--- Records shown Enclosed Below ---

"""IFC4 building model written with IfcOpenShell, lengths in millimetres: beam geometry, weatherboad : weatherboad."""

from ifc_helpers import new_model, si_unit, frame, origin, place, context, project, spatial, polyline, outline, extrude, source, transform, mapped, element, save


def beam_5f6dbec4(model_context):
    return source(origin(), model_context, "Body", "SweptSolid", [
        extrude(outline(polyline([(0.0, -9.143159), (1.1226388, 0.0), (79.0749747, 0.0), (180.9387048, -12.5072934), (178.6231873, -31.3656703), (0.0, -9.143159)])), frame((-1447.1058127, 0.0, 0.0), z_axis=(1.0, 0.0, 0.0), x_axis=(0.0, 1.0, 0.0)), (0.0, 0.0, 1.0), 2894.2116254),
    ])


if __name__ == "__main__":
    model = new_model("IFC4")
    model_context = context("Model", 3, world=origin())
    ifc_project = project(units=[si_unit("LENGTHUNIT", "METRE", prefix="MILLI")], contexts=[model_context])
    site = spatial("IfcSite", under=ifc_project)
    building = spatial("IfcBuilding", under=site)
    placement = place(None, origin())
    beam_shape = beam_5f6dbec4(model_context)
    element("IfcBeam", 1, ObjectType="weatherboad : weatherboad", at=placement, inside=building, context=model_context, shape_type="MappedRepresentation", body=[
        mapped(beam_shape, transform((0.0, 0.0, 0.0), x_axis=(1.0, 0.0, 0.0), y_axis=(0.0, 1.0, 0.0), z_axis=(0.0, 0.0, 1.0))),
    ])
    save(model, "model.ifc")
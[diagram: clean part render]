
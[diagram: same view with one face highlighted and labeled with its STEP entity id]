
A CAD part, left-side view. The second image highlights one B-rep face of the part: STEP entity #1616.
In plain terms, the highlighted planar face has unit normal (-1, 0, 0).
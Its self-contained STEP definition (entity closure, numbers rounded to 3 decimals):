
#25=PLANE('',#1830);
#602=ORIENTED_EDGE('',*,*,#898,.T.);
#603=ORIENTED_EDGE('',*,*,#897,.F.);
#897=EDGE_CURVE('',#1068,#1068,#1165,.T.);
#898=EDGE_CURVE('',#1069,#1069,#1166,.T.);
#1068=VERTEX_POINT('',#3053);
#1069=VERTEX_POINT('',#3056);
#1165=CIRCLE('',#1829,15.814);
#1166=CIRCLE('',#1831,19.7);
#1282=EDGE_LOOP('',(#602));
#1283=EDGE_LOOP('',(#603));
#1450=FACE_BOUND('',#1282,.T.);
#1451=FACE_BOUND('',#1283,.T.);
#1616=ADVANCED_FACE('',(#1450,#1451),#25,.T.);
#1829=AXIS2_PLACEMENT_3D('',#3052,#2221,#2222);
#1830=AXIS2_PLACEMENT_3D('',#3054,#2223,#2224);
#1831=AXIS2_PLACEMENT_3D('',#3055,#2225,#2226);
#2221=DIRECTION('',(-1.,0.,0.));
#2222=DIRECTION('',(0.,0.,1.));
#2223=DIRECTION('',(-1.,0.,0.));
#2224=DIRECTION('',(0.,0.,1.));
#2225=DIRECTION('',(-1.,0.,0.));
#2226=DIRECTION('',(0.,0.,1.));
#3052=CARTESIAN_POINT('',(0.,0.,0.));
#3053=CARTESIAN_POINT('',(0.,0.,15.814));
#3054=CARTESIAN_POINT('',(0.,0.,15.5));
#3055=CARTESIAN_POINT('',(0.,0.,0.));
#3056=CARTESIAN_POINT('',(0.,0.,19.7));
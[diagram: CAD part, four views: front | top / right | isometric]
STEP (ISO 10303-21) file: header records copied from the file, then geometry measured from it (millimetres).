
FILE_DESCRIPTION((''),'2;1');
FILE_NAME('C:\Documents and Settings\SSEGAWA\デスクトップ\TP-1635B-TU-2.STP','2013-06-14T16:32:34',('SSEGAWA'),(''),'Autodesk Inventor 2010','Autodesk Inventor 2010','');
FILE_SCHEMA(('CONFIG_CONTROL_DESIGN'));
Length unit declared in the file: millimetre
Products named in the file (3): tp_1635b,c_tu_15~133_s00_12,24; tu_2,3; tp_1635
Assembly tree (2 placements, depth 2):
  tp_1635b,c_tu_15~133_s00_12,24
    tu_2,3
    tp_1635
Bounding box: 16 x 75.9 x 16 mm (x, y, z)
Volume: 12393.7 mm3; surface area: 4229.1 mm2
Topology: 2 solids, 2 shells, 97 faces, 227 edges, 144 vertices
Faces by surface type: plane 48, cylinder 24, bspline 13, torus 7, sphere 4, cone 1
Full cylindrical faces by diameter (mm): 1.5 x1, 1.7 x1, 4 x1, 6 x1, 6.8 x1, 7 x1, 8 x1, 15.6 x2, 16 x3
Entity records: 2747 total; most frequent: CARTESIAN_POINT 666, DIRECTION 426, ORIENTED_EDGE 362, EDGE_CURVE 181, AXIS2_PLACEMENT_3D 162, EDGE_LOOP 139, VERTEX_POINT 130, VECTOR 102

--- End of Enclosed Records shown ---

Work out how many lines of the listing contain the string "millimetres". Please reply with the number only.

▸ Response box: 2